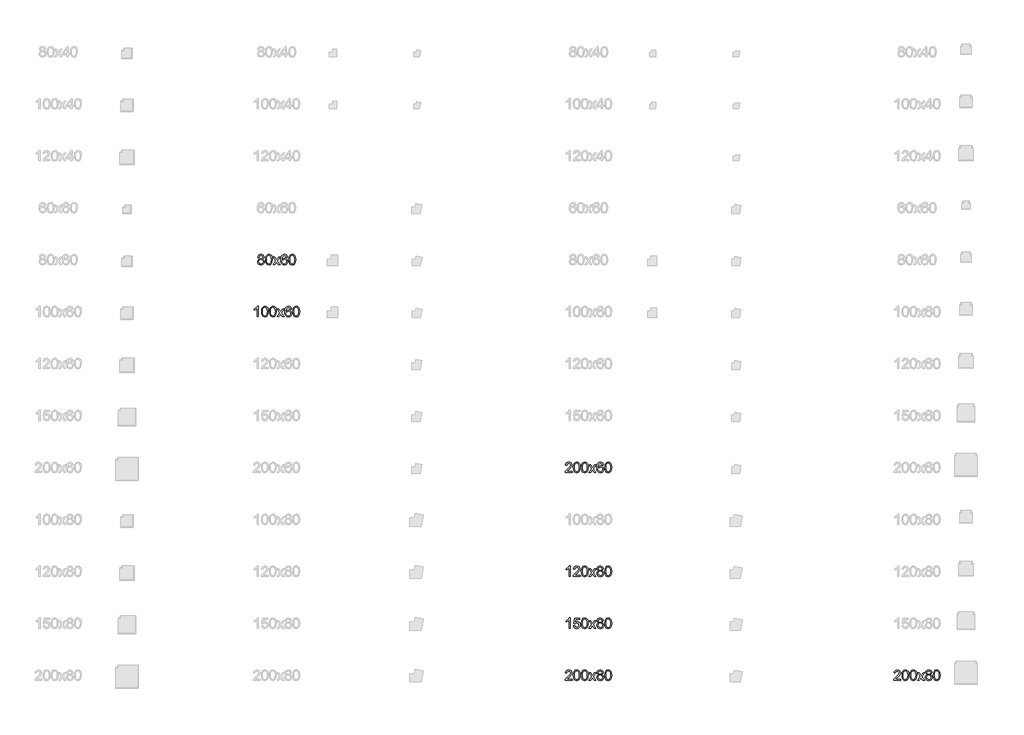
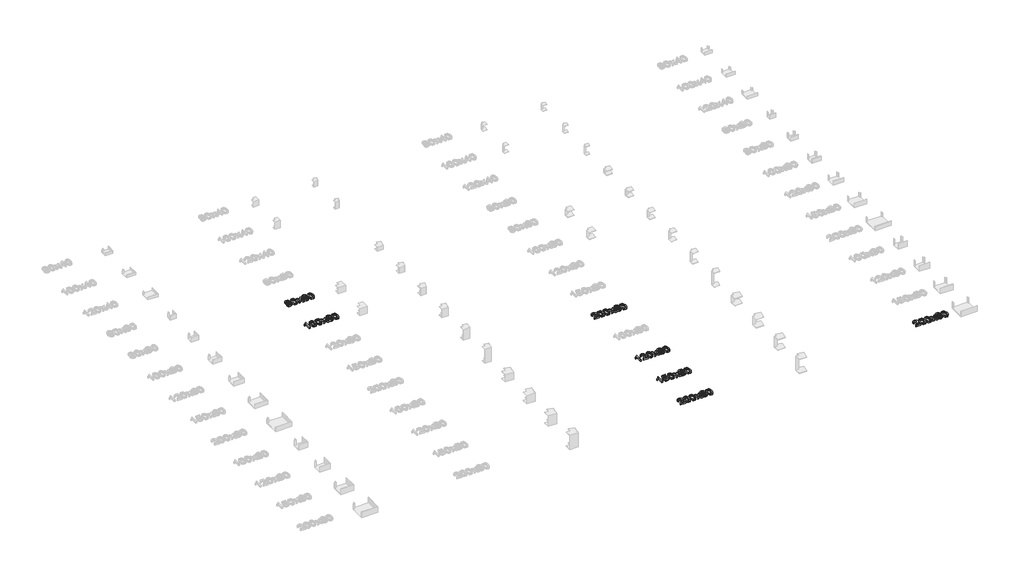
# One storey, part 15 of 28: 7 proxies.
"""IFC4 building model written with IfcOpenShell, lengths in millimetres."""

from ifc_helpers import new_model, si_unit, origin, origin_with_axes, place, context, project, spatial, polyline, outline, extrude, element, save

model = new_model("IFC4")

# Units and contexts
model_context = context("Model", 3, world=origin())
ifc_project = project(units=[si_unit("LENGTHUNIT", "METRE", prefix="MILLI")], contexts=[model_context])

# Site, building, storey
site = spatial("IfcSite", under=ifc_project)
building = spatial("IfcBuilding", under=site)
storey = spatial("IfcBuildingStorey", under=building, Name="Этаж 01", Elevation=0.0)

# Proxies
placement = place(None, origin())
element("IfcBuildingElementProxy", 1, Name="100 мм Arial", ObjectType="100 мм Arial", at=placement, inside=storey, context=model_context, shape_type="SweptSolid", body=[
    extrude(outline(polyline([(15077.1955345, -408.0058037), (15065.7544045, -400.2067054), (15062.0387963, -388.0665996), (15064.0621473, -378.2502817), (15070.1322002, -370.1384837), (15079.5683734, -364.6938302), (15091.6900851, -362.8789457), (15103.8853733, -364.7367497), (15113.4441738, -370.310162), (15119.6245913, -378.5507186), (15121.6847305, -388.4099561), (15118.0181733, -400.2434936), (15106.8958743, -408.0058037), (15120.2499907, -417.8527785), (15124.8239902, -434.1008999), (15122.5553845, -446.1061157), (15115.7495676, -456.0266668), (15105.2404053, -462.6853309), (15091.8617634, -464.9048856), (15078.4831215, -462.6761339), (15067.9739592, -455.9898786), (15061.1681423, -445.9742913), (15058.8995366, -433.7575434), (15063.6574771, -417.1292772), (15077.1955345, -408.0058037)]), holes=[polyline([(15074.5958351, -388.4344816), (15079.0472072, -398.2937191), (15092.0089162, -402.1196918), (15104.7131078, -398.3182445), (15109.1276917, -388.9985673), (15104.565955, -379.3477963), (15091.8617634, -375.4359844), (15079.1207836, -379.2619572), (15074.5958351, -388.4344816)]), polyline([(15071.4565754, -433.316085), (15073.5535028, -442.7706523), (15080.9724563, -449.8462493), (15091.9598653, -452.3478469), (15100.5069903, -451.0326687), (15106.9203997, -447.0871343), (15112.2669514, -433.7084925), (15106.7487215, -420.0723332), (15100.1881592, -416.0256312), (15091.5429323, -414.6767306), (15083.115369, -416.0072371), (15076.7663389, -419.9987568), (15071.4565754, -433.316085)])]), origin_with_axes(), (0.0, 0.0, 1.0), 20.0),
    extrude(outline(polyline([(15135.8113991, -413.9164411), (15139.5024818, -385.013179), (15150.4653652, -368.3481246), (15168.7736259, -362.8789457), (15183.4398547, -366.1163072), (15193.5688723, -375.4482472), (15199.4549843, -390.3106798), (15201.7358526, -413.9164411), (15198.0815581, -442.6970759), (15187.1554629, -459.3989185), (15178.9241032, -463.5283938), (15168.7736259, -464.9048856), (15155.7260778, -462.5136527), (15145.8177894, -455.3399538), (15138.3129967, -438.349937), (15135.8113991, -413.9164411)]), holes=[polyline([(15148.3684379, -413.8919156), (15149.8399658, -433.6441131), (15154.2545498, -445.0760461), (15160.8273748, -450.5298967), (15168.7736259, -452.3478469), (15176.719877, -450.5237653), (15183.2927019, -445.0515206), (15187.7072859, -433.6134563), (15189.1788139, -413.8919156), (15187.7563368, -394.5842423), (15183.4889057, -383.0634045), (15176.9283434, -377.3428394), (15168.6264731, -375.4359844), (15160.7660611, -377.1159789), (15154.4507535, -382.1559622), (15149.8890168, -394.3941699), (15148.3684379, -413.8919156)])]), origin_with_axes(), (0.0, 0.0, 1.0), 20.0),
    extrude(outline(polyline([(15208.014372, -463.3352558), (15234.8452322, -426.2527507), (15209.5840019, -389.562653), (15224.6916891, -389.562653), (15236.8808459, -407.2209888), (15242.5707541, -415.5596474), (15247.5003728, -408.7415677), (15261.3817868, -389.562653), (15276.489474, -389.562653), (15249.9529195, -426.2527507), (15275.5084554, -463.3352558), (15260.4007681, -463.3352558), (15245.0233007, -441.0416069), (15242.2028721, -436.9703795), (15223.1220593, -463.3352558), (15208.014372, -463.3352558)])), origin_with_axes(), (0.0, 0.0, 1.0), 20.0),
    extrude(outline(polyline([(15347.7114283, -389.562653), (15335.1543895, -391.1322829), (15330.3964491, -380.6599088), (15317.8148848, -375.4359844), (15306.4841194, -378.4771422), (15297.9124689, -389.8937468), (15294.3440135, -412.2732349), (15305.4172616, -402.2545819), (15319.13926, -398.9804321), (15330.7398056, -401.2183809), (15340.4764157, -407.9322273), (15347.0798976, -418.1900036), (15349.2810582, -431.0597421), (15345.1362543, -448.3869841), (15333.7319125, -460.6497172), (15317.2753246, -464.9048856), (15303.0290943, -462.084457), (15291.6830004, -453.6231711), (15284.2609812, -438.6871621), (15281.7869748, -416.4425641), (15284.533827, -391.4327198), (15292.7743837, -374.3323384), (15304.0254414, -365.7422938), (15318.5996998, -362.8789457), (15329.6177655, -364.6509106), (15338.440802, -369.9668054), (15344.6212196, -378.4096972), (15347.7114283, -389.562653)]), holes=[polyline([(15294.3440135, -430.8635384), (15297.2502813, -441.7405827), (15304.9758032, -449.6377828), (15316.2943059, -452.3478469), (15324.5808479, -450.9437639), (15331.0954249, -446.7315151), (15335.3168708, -440.1096392), (15336.7240194, -431.476675), (15335.3352649, -423.1901331), (15331.1690013, -416.8717598), (15324.5440597, -412.8710431), (15315.7792711, -411.5374709), (15300.5857447, -416.8717598), (15295.9044463, -423.0368489), (15294.3440135, -430.8635384)])]), origin_with_axes(), (0.0, 0.0, 1.0), 20.0),
    extrude(outline(polyline([(15360.2684671, -413.9164411), (15363.9595498, -385.013179), (15374.9224332, -368.3481246), (15393.2306938, -362.8789457), (15407.8969227, -366.1163072), (15418.0259403, -375.4482472), (15423.9120522, -390.3106798), (15426.1929206, -413.9164411), (15422.5386261, -442.6970759), (15411.6125309, -459.3989185), (15403.3811712, -463.5283938), (15393.2306938, -464.9048856), (15380.1831458, -462.5136527), (15370.2748573, -455.3399538), (15362.7700646, -438.349937), (15360.2684671, -413.9164411)]), holes=[polyline([(15372.8255058, -413.8919156), (15374.2970338, -433.6441131), (15378.7116178, -445.0760461), (15385.2844428, -450.5298967), (15393.2306938, -452.3478469), (15401.1769449, -450.5237653), (15407.7497699, -445.0515206), (15412.1643539, -433.6134563), (15413.6358818, -413.8919156), (15412.2134048, -394.5842423), (15407.9459737, -383.0634045), (15401.3854114, -377.3428394), (15393.0835411, -375.4359844), (15385.2231291, -377.1159789), (15378.9078215, -382.1559622), (15374.3460848, -394.3941699), (15372.8255058, -413.8919156)])]), origin_with_axes(), (0.0, 0.0, 1.0), 20.0),
])
element("IfcBuildingElementProxy", 2, Name="100 мм Arial", ObjectType="100 мм Arial", at=placement, inside=storey, context=model_context, shape_type="SweptSolid", body=[
    extrude(outline(polyline([(15067.5325008, -963.3352558), (15054.975462, -963.3352558), (15054.975462, -885.0499672), (15043.0806108, -893.5235158), (15029.8613845, -899.8633489), (15029.8613845, -887.9930232), (15048.267747, -876.2453248), (15059.4390969, -862.8789457), (15067.5325008, -862.8789457), (15067.5325008, -963.3352558)])), origin_with_axes(), (0.0, 0.0, 1.0), 20.0),
    extrude(outline(polyline([(15097.3554679, -913.9164411), (15101.0465505, -885.013179), (15112.009434, -868.3481246), (15130.3176946, -862.8789457), (15144.9839235, -866.1163072), (15155.1129411, -875.4482472), (15160.999053, -890.3106798), (15163.2799214, -913.9164411), (15159.6256269, -942.6970759), (15148.6995317, -959.3989185), (15140.468172, -963.5283938), (15130.3176946, -964.9048856), (15117.2701465, -962.5136527), (15107.3618581, -955.3399538), (15099.8570654, -938.349937), (15097.3554679, -913.9164411)]), holes=[polyline([(15109.9125066, -913.8919156), (15111.3840346, -933.6441131), (15115.7986186, -945.0760461), (15122.3714435, -950.5298967), (15130.3176946, -952.3478469), (15138.2639457, -950.5237653), (15144.8367707, -945.0515206), (15149.2513546, -933.6134563), (15150.7228826, -913.8919156), (15149.3004056, -894.5842423), (15145.0329744, -883.0634045), (15138.4724122, -877.3428394), (15130.1705418, -875.4359844), (15122.3101299, -877.1159789), (15115.9948223, -882.1559622), (15111.4330855, -894.3941699), (15109.9125066, -913.8919156)])]), origin_with_axes(), (0.0, 0.0, 1.0), 20.0),
    extrude(outline(polyline([(15174.2673303, -913.9164411), (15177.958413, -885.013179), (15188.9212965, -868.3481246), (15207.2295571, -862.8789457), (15221.895786, -866.1163072), (15232.0248036, -875.4482472), (15237.9109155, -890.3106798), (15240.1917839, -913.9164411), (15236.5374894, -942.6970759), (15225.6113941, -959.3989185), (15217.3800345, -963.5283938), (15207.2295571, -964.9048856), (15194.182009, -962.5136527), (15184.2737206, -955.3399538), (15176.7689279, -938.349937), (15174.2673303, -913.9164411)]), holes=[polyline([(15186.8243691, -913.8919156), (15188.2958971, -933.6441131), (15192.710481, -945.0760461), (15199.283306, -950.5298967), (15207.2295571, -952.3478469), (15215.1758082, -950.5237653), (15221.7486332, -945.0515206), (15226.1632171, -933.6134563), (15227.6347451, -913.8919156), (15226.212268, -894.5842423), (15221.9448369, -883.0634045), (15215.3842746, -877.3428394), (15207.0824043, -875.4359844), (15199.2219923, -877.1159789), (15192.9066847, -882.1559622), (15188.344948, -894.3941699), (15186.8243691, -913.8919156)])]), origin_with_axes(), (0.0, 0.0, 1.0), 20.0),
    extrude(outline(polyline([(15246.4703032, -963.3352558), (15273.3011634, -926.2527507), (15248.0399331, -889.562653), (15263.1476204, -889.562653), (15275.3367771, -907.2209888), (15281.0266853, -915.5596474), (15285.9563041, -908.7415677), (15299.837718, -889.562653), (15314.9454053, -889.562653), (15288.4088507, -926.2527507), (15313.9643866, -963.3352558), (15298.8566994, -963.3352558), (15283.479232, -941.0416069), (15280.6588033, -936.9703795), (15261.5779905, -963.3352558), (15246.4703032, -963.3352558)])), origin_with_axes(), (0.0, 0.0, 1.0), 20.0),
    extrude(outline(polyline([(15386.1673595, -889.562653), (15373.6103208, -891.1322829), (15368.8523803, -880.6599088), (15356.2708161, -875.4359844), (15344.9400506, -878.4771422), (15336.3684001, -889.8937468), (15332.7999448, -912.2732349), (15343.8731928, -902.2545819), (15357.5951912, -898.9804321), (15369.1957368, -901.2183809), (15378.932347, -907.9322273), (15385.5358288, -918.1900036), (15387.7369894, -931.0597421), (15383.5921856, -948.3869841), (15372.1878437, -960.6497172), (15355.7312558, -964.9048856), (15341.4850255, -962.084457), (15330.1389317, -953.6231711), (15322.7169124, -938.6871621), (15320.242906, -916.4425641), (15322.9897582, -891.4327198), (15331.2303149, -874.3323384), (15342.4813726, -865.7422938), (15357.055631, -862.8789457), (15368.0736967, -864.6509106), (15376.8967333, -869.9668054), (15383.0771508, -878.4096972), (15386.1673595, -889.562653)]), holes=[polyline([(15332.7999448, -930.8635384), (15335.7062125, -941.7405827), (15343.4317344, -949.6377828), (15354.7502372, -952.3478469), (15363.0367791, -950.9437639), (15369.5513561, -946.7315151), (15373.772802, -940.1096392), (15375.1799506, -931.476675), (15373.7911961, -923.1901331), (15369.6249325, -916.8717598), (15362.9999909, -912.8710431), (15354.2352024, -911.5374709), (15339.041676, -916.8717598), (15334.3603776, -923.0368489), (15332.7999448, -930.8635384)])]), origin_with_axes(), (0.0, 0.0, 1.0), 20.0),
    extrude(outline(polyline([(15398.7243983, -913.9164411), (15402.415481, -885.013179), (15413.3783645, -868.3481246), (15431.6866251, -862.8789457), (15446.352854, -866.1163072), (15456.4818716, -875.4482472), (15462.3679835, -890.3106798), (15464.6488518, -913.9164411), (15460.9945574, -942.6970759), (15450.0684621, -959.3989185), (15441.8371025, -963.5283938), (15431.6866251, -964.9048856), (15418.639077, -962.5136527), (15408.7307886, -955.3399538), (15401.2259959, -938.349937), (15398.7243983, -913.9164411)]), holes=[polyline([(15411.2814371, -913.8919156), (15412.7529651, -933.6441131), (15417.167549, -945.0760461), (15423.740374, -950.5298967), (15431.6866251, -952.3478469), (15439.6328762, -950.5237653), (15446.2057012, -945.0515206), (15450.6202851, -933.6134563), (15452.0918131, -913.8919156), (15450.669336, -894.5842423), (15446.4019049, -883.0634045), (15439.8413426, -877.3428394), (15431.5394723, -875.4359844), (15423.6790603, -877.1159789), (15417.3637527, -882.1559622), (15412.802016, -894.3941699), (15411.2814371, -913.8919156)])]), origin_with_axes(), (0.0, 0.0, 1.0), 20.0),
])
element("IfcBuildingElementProxy", 3, Name="100 мм Arial", ObjectType="100 мм Arial", at=placement, inside=storey, context=model_context, shape_type="SweptSolid", body=[
    extrude(outline(polyline([(18084.7984291, -2450.778217), (18084.7984291, -2463.3352558), (18018.8739756, -2463.3352558), (18020.2228762, -2454.6777662), (18027.8502962, -2441.3481752), (18043.5711202, -2426.7923109), (18065.2516324, -2405.8720882), (18070.6717605, -2391.6473177), (18065.5582007, -2380.1326112), (18052.2040843, -2375.4359844), (18038.2858822, -2380.0222466), (18033.0006442, -2392.7019127), (18020.4436054, -2391.1322829), (18023.4878289, -2378.9860457), (18030.0698509, -2370.1139582), (18039.846315, -2364.6876988), (18052.4738644, -2362.8789457), (18065.1933844, -2364.8900339), (18074.9514544, -2370.9232986), (18081.159463, -2379.9364075), (18083.2287992, -2390.8870282), (18080.9969818, -2402.7941421), (18073.5780282, -2415.1059262), (18055.5885987, -2432.3105409), (18041.143099, -2444.389333), (18035.4777163, -2450.778217), (18084.7984291, -2450.778217)])), origin_with_axes(), (0.0, 0.0, 1.0), 20.0),
    extrude(outline(polyline([(18097.3554679, -2413.9164411), (18101.0465505, -2385.013179), (18112.009434, -2368.3481246), (18130.3176946, -2362.8789457), (18144.9839235, -2366.1163072), (18155.1129411, -2375.4482472), (18160.999053, -2390.3106798), (18163.2799214, -2413.9164411), (18159.6256269, -2442.6970759), (18148.6995317, -2459.3989185), (18140.468172, -2463.5283938), (18130.3176946, -2464.9048856), (18117.2701465, -2462.5136527), (18107.3618581, -2455.3399538), (18099.8570654, -2438.349937), (18097.3554679, -2413.9164411)]), holes=[polyline([(18109.9125066, -2413.8919156), (18111.3840346, -2433.6441131), (18115.7986186, -2445.0760461), (18122.3714435, -2450.5298967), (18130.3176946, -2452.3478469), (18138.2639457, -2450.5237653), (18144.8367707, -2445.0515206), (18149.2513546, -2433.6134563), (18150.7228826, -2413.8919156), (18149.3004056, -2394.5842423), (18145.0329744, -2383.0634045), (18138.4724122, -2377.3428394), (18130.1705418, -2375.4359844), (18122.3101299, -2377.1159789), (18115.9948223, -2382.1559622), (18111.4330855, -2394.3941699), (18109.9125066, -2413.8919156)])]), origin_with_axes(), (0.0, 0.0, 1.0), 20.0),
    extrude(outline(polyline([(18174.2673303, -2413.9164411), (18177.958413, -2385.013179), (18188.9212965, -2368.3481246), (18207.2295571, -2362.8789457), (18221.895786, -2366.1163072), (18232.0248036, -2375.4482472), (18237.9109155, -2390.3106798), (18240.1917839, -2413.9164411), (18236.5374894, -2442.6970759), (18225.6113941, -2459.3989185), (18217.3800345, -2463.5283938), (18207.2295571, -2464.9048856), (18194.182009, -2462.5136527), (18184.2737206, -2455.3399538), (18176.7689279, -2438.349937), (18174.2673303, -2413.9164411)]), holes=[polyline([(18186.8243691, -2413.8919156), (18188.2958971, -2433.6441131), (18192.710481, -2445.0760461), (18199.283306, -2450.5298967), (18207.2295571, -2452.3478469), (18215.1758082, -2450.5237653), (18221.7486332, -2445.0515206), (18226.1632171, -2433.6134563), (18227.6347451, -2413.8919156), (18226.212268, -2394.5842423), (18221.9448369, -2383.0634045), (18215.3842746, -2377.3428394), (18207.0824043, -2375.4359844), (18199.2219923, -2377.1159789), (18192.9066847, -2382.1559622), (18188.344948, -2394.3941699), (18186.8243691, -2413.8919156)])]), origin_with_axes(), (0.0, 0.0, 1.0), 20.0),
    extrude(outline(polyline([(18246.4703032, -2463.3352558), (18273.3011634, -2426.2527507), (18248.0399331, -2389.562653), (18263.1476204, -2389.562653), (18275.3367771, -2407.2209888), (18281.0266853, -2415.5596474), (18285.9563041, -2408.7415677), (18299.837718, -2389.562653), (18314.9454053, -2389.562653), (18288.4088507, -2426.2527507), (18313.9643866, -2463.3352558), (18298.8566994, -2463.3352558), (18283.479232, -2441.0416069), (18280.6588033, -2436.9703795), (18261.5779905, -2463.3352558), (18246.4703032, -2463.3352558)])), origin_with_axes(), (0.0, 0.0, 1.0), 20.0),
    extrude(outline(polyline([(18386.1673595, -2389.562653), (18373.6103208, -2391.1322829), (18368.8523803, -2380.6599088), (18356.2708161, -2375.4359844), (18344.9400506, -2378.4771422), (18336.3684001, -2389.8937468), (18332.7999448, -2412.2732349), (18343.8731928, -2402.2545819), (18357.5951912, -2398.9804321), (18369.1957368, -2401.2183809), (18378.932347, -2407.9322273), (18385.5358288, -2418.1900036), (18387.7369894, -2431.0597421), (18383.5921856, -2448.3869841), (18372.1878437, -2460.6497172), (18355.7312558, -2464.9048856), (18341.4850255, -2462.084457), (18330.1389317, -2453.6231711), (18322.7169124, -2438.6871621), (18320.242906, -2416.4425641), (18322.9897582, -2391.4327198), (18331.2303149, -2374.3323384), (18342.4813726, -2365.7422938), (18357.055631, -2362.8789457), (18368.0736967, -2364.6509106), (18376.8967333, -2369.9668054), (18383.0771508, -2378.4096972), (18386.1673595, -2389.562653)]), holes=[polyline([(18332.7999448, -2430.8635384), (18335.7062125, -2441.7405827), (18343.4317344, -2449.6377828), (18354.7502372, -2452.3478469), (18363.0367791, -2450.9437639), (18369.5513561, -2446.7315151), (18373.772802, -2440.1096392), (18375.1799506, -2431.476675), (18373.7911961, -2423.1901331), (18369.6249325, -2416.8717598), (18362.9999909, -2412.8710431), (18354.2352024, -2411.5374709), (18339.041676, -2416.8717598), (18334.3603776, -2423.0368489), (18332.7999448, -2430.8635384)])]), origin_with_axes(), (0.0, 0.0, 1.0), 20.0),
    extrude(outline(polyline([(18398.7243983, -2413.9164411), (18402.415481, -2385.013179), (18413.3783645, -2368.3481246), (18431.6866251, -2362.8789457), (18446.352854, -2366.1163072), (18456.4818716, -2375.4482472), (18462.3679835, -2390.3106798), (18464.6488518, -2413.9164411), (18460.9945574, -2442.6970759), (18450.0684621, -2459.3989185), (18441.8371025, -2463.5283938), (18431.6866251, -2464.9048856), (18418.639077, -2462.5136527), (18408.7307886, -2455.3399538), (18401.2259959, -2438.349937), (18398.7243983, -2413.9164411)]), holes=[polyline([(18411.2814371, -2413.8919156), (18412.7529651, -2433.6441131), (18417.167549, -2445.0760461), (18423.740374, -2450.5298967), (18431.6866251, -2452.3478469), (18439.6328762, -2450.5237653), (18446.2057012, -2445.0515206), (18450.6202851, -2433.6134563), (18452.0918131, -2413.8919156), (18450.669336, -2394.5842423), (18446.4019049, -2383.0634045), (18439.8413426, -2377.3428394), (18431.5394723, -2375.4359844), (18423.6790603, -2377.1159789), (18417.3637527, -2382.1559622), (18412.802016, -2394.3941699), (18411.2814371, -2413.8919156)])]), origin_with_axes(), (0.0, 0.0, 1.0), 20.0),
])
element("IfcBuildingElementProxy", 4, Name="100 мм Arial", ObjectType="100 мм Arial", at=placement, inside=storey, context=model_context, shape_type="SweptSolid", body=[
    extrude(outline(polyline([(18067.5325008, -3463.3352558), (18054.975462, -3463.3352558), (18054.975462, -3385.0499672), (18043.0806108, -3393.5235158), (18029.8613845, -3399.8633489), (18029.8613845, -3387.9930232), (18048.267747, -3376.2453248), (18059.4390969, -3362.8789457), (18067.5325008, -3362.8789457), (18067.5325008, -3463.3352558)])), origin_with_axes(), (0.0, 0.0, 1.0), 20.0),
    extrude(outline(polyline([(18161.7102916, -3450.778217), (18161.7102916, -3463.3352558), (18095.785838, -3463.3352558), (18097.1347387, -3454.6777662), (18104.7621587, -3441.3481752), (18120.4829826, -3426.7923109), (18142.1634949, -3405.8720882), (18147.5836229, -3391.6473177), (18142.4700632, -3380.1326112), (18129.1159468, -3375.4359844), (18115.1977446, -3380.0222466), (18109.9125066, -3392.7019127), (18097.3554679, -3391.1322829), (18100.3996914, -3378.9860457), (18106.9817134, -3370.1139582), (18116.7581774, -3364.6876988), (18129.3857269, -3362.8789457), (18142.1052469, -3364.8900339), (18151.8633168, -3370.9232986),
________
Check each line above for the string "IfcBuildingElementProxy" and copy those that have it.

element("IfcBuildingElementProxy", 1, Name="100 мм Arial", ObjectType="100 мм Arial", at=placement, inside=storey, context=model_context, shape_type="SweptSolid", body=[
element("IfcBuildingElementProxy", 2, Name="100 мм Arial", ObjectType="100 мм Arial", at=placement, inside=storey, context=model_context, shape_type="SweptSolid", body=[
element("IfcBuildingElementProxy", 3, Name="100 мм Arial", ObjectType="100 мм Arial", at=placement, inside=storey, context=model_context, shape_type="SweptSolid", body=[
element("IfcBuildingElementProxy", 4, Name="100 мм Arial", ObjectType="100 мм Arial", at=placement, inside=storey, context=model_context, shape_type="SweptSolid", body=[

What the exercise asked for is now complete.